A challenge in many refinery operating systems is the lag time between sample collection and data availability. Timeliness of feedback of data from refinery laboratory analyzed data is essential and each refinery must minimize the time between sample collection and data availability. It is best practice to use on-site instant read-out techniques such as a field-located pH meter or close-range pH paper covering the range 7.5 to 4.5 pH. Field collected data must be recorded and stored along with laboratory derived data. Any differences should be investigated.
Some refineries are now using automatic e-mail announcements of off-specification values. This is proving to be an excellent way to get data to corrosion engineers and others so that corrective action can be considered.
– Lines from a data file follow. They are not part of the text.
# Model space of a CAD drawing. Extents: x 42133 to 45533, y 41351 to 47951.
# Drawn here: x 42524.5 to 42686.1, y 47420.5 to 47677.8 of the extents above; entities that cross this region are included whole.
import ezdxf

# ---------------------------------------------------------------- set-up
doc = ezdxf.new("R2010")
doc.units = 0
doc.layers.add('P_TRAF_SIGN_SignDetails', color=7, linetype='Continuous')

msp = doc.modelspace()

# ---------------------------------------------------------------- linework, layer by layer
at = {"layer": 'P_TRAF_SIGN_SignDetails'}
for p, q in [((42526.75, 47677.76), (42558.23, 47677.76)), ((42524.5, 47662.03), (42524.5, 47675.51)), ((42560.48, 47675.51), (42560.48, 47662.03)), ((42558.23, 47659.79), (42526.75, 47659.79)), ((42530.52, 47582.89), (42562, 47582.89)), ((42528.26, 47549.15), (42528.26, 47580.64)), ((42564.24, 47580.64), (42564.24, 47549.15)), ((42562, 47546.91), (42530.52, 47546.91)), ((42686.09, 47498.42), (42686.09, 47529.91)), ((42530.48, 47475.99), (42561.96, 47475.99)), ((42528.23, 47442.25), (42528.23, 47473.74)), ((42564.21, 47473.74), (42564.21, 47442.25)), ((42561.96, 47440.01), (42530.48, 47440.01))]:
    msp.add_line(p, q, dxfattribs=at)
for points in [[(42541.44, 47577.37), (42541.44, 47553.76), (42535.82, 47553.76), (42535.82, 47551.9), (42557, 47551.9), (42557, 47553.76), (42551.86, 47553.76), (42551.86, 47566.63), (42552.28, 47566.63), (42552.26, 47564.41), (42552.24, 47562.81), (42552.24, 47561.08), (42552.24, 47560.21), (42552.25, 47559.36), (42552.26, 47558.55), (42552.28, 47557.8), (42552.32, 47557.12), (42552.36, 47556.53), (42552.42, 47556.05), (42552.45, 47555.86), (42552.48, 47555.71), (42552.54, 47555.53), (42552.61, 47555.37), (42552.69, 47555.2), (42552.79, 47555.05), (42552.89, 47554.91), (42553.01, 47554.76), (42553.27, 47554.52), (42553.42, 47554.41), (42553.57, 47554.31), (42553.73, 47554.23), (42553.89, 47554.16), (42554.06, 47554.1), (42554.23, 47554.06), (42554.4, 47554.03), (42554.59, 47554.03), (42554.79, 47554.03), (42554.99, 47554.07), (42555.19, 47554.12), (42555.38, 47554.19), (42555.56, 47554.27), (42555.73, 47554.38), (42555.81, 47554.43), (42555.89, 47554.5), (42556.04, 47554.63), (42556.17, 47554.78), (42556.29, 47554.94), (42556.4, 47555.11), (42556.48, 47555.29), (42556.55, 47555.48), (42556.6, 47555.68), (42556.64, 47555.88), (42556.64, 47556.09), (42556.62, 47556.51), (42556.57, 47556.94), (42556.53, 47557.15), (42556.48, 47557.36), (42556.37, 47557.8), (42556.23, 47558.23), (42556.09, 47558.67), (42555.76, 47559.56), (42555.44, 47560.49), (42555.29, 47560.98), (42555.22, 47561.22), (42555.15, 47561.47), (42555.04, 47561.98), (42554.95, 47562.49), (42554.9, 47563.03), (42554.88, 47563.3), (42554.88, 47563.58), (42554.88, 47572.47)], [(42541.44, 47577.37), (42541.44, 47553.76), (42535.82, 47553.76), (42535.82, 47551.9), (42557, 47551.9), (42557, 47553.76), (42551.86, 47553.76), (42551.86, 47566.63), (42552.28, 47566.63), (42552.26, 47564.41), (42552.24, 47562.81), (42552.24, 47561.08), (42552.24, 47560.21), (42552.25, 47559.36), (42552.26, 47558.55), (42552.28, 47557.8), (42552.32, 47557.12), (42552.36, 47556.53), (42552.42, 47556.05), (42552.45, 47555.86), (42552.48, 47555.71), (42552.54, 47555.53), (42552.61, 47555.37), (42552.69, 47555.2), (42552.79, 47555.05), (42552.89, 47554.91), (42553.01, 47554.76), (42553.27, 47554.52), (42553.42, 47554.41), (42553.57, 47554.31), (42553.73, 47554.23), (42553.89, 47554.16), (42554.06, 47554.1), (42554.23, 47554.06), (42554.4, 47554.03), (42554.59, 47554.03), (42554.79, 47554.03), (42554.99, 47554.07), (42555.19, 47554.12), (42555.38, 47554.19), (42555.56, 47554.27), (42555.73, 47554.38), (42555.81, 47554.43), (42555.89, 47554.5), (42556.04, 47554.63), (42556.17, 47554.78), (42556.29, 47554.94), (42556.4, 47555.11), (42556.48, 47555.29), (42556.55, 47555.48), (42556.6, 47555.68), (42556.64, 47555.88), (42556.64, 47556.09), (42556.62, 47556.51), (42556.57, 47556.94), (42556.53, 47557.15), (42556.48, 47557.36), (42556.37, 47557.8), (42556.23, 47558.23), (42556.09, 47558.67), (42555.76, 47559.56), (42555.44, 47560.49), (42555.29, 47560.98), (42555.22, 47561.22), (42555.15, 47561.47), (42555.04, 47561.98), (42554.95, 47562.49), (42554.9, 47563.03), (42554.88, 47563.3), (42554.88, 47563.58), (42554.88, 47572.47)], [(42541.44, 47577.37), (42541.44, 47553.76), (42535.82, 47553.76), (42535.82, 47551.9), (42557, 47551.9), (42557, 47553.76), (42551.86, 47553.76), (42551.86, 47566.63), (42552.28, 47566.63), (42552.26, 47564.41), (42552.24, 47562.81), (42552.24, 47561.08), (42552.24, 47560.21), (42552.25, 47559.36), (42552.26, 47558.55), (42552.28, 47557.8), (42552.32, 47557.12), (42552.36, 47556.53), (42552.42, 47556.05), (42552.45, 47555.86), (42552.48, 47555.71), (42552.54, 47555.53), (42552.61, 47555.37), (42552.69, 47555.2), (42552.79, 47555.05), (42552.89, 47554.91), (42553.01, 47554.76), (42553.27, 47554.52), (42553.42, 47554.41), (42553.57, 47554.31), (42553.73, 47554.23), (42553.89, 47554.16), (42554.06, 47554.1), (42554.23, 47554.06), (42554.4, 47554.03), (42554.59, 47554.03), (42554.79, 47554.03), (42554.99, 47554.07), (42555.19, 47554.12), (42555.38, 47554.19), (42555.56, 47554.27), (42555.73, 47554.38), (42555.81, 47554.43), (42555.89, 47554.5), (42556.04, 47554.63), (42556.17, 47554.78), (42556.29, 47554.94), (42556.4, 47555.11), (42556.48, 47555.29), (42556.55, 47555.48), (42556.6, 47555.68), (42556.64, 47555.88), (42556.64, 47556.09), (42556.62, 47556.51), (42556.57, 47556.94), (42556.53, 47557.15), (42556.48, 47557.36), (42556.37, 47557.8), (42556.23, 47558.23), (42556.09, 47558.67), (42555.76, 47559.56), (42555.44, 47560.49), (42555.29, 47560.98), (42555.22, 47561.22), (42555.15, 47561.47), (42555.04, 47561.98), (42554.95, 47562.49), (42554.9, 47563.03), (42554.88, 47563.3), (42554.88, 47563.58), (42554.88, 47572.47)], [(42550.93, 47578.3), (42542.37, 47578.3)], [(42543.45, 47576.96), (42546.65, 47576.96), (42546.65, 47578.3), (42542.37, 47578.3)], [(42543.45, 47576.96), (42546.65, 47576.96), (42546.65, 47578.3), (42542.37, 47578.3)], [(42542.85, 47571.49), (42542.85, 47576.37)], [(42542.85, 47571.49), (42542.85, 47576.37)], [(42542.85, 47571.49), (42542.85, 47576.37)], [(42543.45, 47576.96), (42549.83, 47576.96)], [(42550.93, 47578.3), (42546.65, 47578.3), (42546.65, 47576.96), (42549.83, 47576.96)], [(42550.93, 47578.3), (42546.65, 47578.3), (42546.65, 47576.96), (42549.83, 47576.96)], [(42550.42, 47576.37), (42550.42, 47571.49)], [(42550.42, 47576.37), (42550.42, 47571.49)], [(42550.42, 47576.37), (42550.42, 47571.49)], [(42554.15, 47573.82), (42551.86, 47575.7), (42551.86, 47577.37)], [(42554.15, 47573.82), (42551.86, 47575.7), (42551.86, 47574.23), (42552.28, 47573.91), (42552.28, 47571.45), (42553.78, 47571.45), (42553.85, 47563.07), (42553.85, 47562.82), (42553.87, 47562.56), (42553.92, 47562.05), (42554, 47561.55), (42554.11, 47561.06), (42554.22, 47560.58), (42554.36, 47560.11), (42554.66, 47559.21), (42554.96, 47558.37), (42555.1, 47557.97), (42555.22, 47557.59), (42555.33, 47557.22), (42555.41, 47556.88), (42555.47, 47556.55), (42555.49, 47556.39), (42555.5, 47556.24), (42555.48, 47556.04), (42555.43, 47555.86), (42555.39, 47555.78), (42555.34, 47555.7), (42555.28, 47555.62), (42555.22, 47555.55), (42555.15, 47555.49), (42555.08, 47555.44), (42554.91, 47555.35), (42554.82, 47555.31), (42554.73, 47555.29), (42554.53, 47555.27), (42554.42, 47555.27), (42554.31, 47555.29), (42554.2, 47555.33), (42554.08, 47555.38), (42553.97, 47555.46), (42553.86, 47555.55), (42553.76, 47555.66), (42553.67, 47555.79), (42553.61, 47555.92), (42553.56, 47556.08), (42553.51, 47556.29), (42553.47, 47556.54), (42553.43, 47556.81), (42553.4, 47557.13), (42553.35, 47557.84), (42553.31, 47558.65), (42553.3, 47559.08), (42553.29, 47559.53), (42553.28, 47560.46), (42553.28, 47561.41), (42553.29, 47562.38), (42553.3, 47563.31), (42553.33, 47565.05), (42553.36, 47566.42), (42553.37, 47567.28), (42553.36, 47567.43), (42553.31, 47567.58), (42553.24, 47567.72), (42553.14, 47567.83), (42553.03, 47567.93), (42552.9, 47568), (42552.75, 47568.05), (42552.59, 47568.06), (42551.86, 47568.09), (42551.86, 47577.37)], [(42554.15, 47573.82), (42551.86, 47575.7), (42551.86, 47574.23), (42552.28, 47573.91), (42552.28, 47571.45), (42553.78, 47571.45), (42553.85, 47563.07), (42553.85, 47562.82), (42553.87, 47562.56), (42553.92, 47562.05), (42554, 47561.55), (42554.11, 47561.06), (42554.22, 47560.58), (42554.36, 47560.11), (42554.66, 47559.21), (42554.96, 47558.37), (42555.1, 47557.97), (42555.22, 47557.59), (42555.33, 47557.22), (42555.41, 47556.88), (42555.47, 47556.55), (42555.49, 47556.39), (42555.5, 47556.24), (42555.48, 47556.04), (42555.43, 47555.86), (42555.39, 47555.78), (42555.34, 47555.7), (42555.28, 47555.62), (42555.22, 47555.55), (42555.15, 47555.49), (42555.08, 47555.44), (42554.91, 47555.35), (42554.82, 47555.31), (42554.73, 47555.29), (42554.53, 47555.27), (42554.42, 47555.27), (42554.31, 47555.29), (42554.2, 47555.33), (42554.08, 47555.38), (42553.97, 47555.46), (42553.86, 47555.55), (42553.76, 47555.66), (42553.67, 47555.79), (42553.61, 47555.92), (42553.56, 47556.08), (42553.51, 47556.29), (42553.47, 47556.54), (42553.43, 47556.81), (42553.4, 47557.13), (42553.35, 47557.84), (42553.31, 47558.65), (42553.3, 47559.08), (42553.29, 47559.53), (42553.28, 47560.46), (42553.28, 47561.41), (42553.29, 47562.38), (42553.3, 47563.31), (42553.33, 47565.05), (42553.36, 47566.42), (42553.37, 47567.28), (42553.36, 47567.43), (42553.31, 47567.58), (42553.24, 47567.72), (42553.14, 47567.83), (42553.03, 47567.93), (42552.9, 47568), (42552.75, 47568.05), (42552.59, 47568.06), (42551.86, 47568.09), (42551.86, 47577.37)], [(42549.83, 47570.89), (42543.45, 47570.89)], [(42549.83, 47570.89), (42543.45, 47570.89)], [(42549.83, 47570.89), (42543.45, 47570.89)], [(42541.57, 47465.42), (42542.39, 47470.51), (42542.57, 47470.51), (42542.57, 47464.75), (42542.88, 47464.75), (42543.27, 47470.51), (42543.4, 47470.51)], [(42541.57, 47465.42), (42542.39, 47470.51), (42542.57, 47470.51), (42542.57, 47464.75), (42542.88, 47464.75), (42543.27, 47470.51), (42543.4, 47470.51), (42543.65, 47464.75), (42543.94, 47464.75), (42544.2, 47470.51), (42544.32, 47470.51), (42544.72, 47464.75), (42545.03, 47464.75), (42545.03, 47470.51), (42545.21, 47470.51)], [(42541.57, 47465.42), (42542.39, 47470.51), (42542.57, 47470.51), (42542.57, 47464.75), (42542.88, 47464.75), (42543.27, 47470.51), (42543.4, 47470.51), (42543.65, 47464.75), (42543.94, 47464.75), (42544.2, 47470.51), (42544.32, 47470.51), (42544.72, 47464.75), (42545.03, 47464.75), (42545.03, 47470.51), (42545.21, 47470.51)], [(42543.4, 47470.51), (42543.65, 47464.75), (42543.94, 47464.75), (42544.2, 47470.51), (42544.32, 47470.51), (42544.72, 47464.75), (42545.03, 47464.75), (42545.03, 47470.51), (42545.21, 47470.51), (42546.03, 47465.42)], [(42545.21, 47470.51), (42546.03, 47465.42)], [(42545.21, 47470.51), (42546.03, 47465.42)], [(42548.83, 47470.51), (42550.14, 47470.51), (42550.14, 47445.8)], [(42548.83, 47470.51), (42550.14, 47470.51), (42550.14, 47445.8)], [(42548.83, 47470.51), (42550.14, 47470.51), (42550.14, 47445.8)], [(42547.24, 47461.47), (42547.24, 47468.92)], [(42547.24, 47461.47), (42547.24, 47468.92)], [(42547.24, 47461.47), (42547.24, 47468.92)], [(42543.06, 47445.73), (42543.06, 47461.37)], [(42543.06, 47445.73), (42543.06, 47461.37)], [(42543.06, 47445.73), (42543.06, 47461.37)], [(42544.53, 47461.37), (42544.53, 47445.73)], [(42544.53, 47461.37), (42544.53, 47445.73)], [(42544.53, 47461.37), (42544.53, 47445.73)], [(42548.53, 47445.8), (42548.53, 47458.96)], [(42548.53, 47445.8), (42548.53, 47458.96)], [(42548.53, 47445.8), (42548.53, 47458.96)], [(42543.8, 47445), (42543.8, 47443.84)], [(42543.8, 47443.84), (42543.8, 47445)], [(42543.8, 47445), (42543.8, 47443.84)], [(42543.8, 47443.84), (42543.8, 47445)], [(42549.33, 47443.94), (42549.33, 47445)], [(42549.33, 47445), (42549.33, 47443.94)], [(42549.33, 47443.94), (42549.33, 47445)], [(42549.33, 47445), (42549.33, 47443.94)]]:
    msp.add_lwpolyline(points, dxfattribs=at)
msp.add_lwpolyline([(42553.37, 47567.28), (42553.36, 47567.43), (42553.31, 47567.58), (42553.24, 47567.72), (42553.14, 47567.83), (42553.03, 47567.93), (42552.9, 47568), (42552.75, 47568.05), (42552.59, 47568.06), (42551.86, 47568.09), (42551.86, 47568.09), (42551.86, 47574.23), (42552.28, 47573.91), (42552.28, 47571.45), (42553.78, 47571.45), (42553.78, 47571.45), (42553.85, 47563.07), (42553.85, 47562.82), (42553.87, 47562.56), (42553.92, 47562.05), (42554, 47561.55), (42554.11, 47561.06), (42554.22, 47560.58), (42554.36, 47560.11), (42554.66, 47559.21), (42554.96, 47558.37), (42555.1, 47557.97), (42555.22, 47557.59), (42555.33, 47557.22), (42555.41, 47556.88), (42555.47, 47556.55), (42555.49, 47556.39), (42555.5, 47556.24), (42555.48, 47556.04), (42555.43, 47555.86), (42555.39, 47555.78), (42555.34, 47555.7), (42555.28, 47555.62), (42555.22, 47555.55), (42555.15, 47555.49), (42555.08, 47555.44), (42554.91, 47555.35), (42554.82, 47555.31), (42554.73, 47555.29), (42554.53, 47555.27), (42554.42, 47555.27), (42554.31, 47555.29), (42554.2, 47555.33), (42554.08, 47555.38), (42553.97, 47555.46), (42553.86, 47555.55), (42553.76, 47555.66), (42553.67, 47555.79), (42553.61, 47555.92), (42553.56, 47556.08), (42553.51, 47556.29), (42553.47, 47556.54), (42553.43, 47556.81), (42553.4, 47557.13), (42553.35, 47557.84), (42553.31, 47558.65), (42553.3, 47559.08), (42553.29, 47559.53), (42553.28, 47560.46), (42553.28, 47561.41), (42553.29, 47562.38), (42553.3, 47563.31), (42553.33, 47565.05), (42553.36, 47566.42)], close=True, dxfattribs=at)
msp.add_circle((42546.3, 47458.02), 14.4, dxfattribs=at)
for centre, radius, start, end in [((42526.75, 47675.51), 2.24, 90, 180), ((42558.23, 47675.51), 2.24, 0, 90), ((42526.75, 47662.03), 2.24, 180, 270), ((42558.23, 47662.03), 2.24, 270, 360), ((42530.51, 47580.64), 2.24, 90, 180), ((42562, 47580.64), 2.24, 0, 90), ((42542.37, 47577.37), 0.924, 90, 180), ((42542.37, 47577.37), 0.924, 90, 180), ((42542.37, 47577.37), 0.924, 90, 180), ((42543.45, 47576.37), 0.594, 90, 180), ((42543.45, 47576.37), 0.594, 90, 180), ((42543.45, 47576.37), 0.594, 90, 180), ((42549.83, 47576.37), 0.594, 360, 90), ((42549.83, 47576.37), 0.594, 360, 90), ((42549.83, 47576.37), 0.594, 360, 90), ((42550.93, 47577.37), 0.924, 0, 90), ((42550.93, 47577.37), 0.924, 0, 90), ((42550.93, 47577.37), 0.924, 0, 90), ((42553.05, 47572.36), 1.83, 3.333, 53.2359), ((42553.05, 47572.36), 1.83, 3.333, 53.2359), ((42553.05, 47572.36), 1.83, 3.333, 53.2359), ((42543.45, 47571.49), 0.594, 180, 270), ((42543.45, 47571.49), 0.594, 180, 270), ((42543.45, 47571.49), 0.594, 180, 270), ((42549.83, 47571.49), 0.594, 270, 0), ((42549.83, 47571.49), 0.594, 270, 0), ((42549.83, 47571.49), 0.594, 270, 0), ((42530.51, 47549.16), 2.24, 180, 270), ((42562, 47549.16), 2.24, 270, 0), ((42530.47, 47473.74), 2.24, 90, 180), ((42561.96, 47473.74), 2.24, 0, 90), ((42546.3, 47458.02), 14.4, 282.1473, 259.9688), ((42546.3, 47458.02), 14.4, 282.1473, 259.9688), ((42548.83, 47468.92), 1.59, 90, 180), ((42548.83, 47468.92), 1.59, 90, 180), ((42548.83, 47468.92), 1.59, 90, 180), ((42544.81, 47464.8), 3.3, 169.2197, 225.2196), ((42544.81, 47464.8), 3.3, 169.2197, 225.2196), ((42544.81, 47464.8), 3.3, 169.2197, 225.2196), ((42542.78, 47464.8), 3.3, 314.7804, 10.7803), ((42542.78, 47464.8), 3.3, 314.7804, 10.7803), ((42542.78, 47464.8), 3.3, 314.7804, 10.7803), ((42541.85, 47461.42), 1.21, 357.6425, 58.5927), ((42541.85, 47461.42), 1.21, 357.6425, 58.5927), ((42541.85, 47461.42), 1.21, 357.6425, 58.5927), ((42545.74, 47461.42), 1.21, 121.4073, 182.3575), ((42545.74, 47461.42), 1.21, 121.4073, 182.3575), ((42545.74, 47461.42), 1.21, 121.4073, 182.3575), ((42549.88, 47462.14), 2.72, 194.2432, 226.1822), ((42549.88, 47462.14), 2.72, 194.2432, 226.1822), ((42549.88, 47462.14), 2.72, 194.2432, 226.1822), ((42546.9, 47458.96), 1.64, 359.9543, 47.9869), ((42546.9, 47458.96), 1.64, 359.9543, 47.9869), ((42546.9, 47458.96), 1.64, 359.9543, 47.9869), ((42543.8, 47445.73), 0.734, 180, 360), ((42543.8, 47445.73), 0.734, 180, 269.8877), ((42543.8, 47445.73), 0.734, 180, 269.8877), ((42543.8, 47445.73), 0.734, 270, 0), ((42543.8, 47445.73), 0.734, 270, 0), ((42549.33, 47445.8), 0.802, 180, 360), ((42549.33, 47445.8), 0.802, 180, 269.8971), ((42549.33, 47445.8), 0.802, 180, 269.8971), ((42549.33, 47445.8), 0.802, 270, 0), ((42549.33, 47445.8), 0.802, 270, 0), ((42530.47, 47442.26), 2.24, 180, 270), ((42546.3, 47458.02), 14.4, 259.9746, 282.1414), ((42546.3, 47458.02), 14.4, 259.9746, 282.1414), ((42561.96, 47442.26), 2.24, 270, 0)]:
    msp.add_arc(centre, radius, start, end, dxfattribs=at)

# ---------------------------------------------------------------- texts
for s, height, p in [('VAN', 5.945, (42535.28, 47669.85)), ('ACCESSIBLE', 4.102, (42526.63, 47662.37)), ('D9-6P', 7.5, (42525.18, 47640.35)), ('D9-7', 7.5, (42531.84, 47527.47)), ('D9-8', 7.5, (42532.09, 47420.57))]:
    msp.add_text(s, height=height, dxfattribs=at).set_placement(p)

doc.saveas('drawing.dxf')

Calibration of pH meters on-site at or near the crude unit must be performed at least once a day using buffer solutions. Dry pH electrodes must be avoided at all the times.
For sediments in crude, ASTM D 4007 is often used. It is extremely important to completely comply with ASTM D 4007. For example, the temperature must be controlled during centrifuging at 60 ± 3ºC. The more accurate ASTM D 473,
Standard Test Method for Sediment in Crude Oils and Fuel Oils by the Extraction Method, should be used on a monthly basis to check results from ASTM D 4007.
For water in crude, ASTM D 4007 is often used. However, ASTM D 4006, Standard Test Method for Water in Crude Oil by Distillation or ASTM D 4928, Standard Test Methods for Water in Crude Oils by Coulometric Karl Fischer Titration, are more accurate and should be used on a monthly basis to validate the results of ASTM D 4007.
For salt in crude, ASTM D 3230 is often used. However, ASTM D 6470, Standard Test Method for Salt in Crude Oils (Potentiometric Method) is more accurate and should be used on a monthly basis to verify ASTM D 3230 data.
At low ppm levels, the accuracy of the potentiometric method is ±0.5 ppm. At 25 ppm the accuracy is ±1.5 ppm. Where equipment is available, ion
chromatography (IC) is the best method. IC typically yields slightly lower measurements than those obtained with potentiometric methods.
Iron in crude can also be measured following ASTM D 5863 A, Standard Test Methods for Determination of Nickel, Vanadium, Iron, and Sodium in Crude Oils and Residual Fuels by Flame Atomic Absorption Spectrometry.
Revision Summary 24 June 2007 New Saudi Aramco Best Practice.